**Collected data:**
-- Opening Marker --
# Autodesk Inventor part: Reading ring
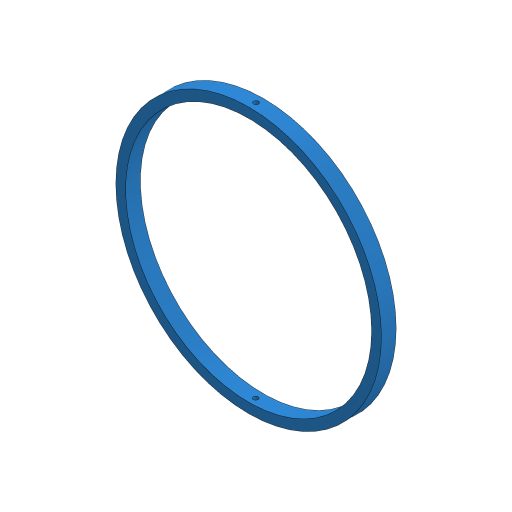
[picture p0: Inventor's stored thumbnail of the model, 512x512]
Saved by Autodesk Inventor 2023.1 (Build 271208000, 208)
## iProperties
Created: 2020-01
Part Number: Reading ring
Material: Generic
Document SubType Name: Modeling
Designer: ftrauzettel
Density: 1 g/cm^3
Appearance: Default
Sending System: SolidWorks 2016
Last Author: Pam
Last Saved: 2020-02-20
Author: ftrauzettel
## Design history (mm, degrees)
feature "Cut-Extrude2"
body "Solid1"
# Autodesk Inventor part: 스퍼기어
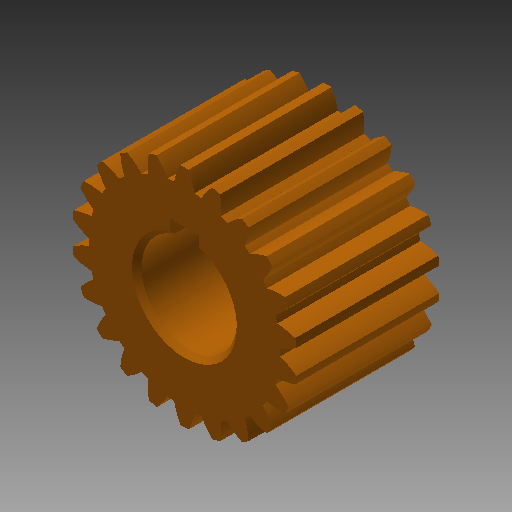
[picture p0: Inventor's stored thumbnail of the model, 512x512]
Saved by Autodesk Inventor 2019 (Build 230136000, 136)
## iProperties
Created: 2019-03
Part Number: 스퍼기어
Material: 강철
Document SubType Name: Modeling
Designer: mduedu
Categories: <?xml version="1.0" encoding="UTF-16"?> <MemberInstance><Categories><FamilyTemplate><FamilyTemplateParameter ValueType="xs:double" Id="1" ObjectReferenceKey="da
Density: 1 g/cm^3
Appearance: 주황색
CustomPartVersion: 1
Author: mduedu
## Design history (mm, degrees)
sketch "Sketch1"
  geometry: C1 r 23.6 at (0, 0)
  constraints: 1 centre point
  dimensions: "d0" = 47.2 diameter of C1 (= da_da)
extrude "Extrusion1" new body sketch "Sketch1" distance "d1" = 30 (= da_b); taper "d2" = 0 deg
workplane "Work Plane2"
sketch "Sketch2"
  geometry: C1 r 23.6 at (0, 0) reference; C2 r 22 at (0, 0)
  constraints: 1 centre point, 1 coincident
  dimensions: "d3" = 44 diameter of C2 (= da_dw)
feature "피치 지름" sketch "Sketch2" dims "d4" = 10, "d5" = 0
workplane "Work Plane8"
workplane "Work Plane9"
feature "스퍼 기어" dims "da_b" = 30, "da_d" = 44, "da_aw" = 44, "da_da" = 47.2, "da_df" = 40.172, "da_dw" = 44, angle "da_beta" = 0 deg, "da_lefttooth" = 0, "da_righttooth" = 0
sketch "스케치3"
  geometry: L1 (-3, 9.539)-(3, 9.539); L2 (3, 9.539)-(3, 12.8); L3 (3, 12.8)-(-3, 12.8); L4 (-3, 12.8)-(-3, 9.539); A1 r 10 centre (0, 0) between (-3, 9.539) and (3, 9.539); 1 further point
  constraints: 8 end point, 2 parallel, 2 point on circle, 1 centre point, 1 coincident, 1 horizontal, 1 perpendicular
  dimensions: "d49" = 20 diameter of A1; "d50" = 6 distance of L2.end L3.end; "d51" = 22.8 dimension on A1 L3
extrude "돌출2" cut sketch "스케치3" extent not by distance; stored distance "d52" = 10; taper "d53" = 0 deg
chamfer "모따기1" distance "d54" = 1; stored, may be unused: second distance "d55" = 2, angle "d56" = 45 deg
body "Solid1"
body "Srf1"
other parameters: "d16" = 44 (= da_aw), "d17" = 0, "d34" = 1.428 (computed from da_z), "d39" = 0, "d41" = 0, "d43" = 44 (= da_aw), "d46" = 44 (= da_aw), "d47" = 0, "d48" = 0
-- Closing Marker --
**Required action:**
In the lines above, find the word "Autodesk" and copy every line it occurs in.

**Reply to the task:**
# Autodesk Inventor part: Reading ring
Saved by Autodesk Inventor 2023.1 (Build 271208000, 208)
# Autodesk Inventor part: 스퍼기어
Saved by Autodesk Inventor 2019 (Build 230136000, 136)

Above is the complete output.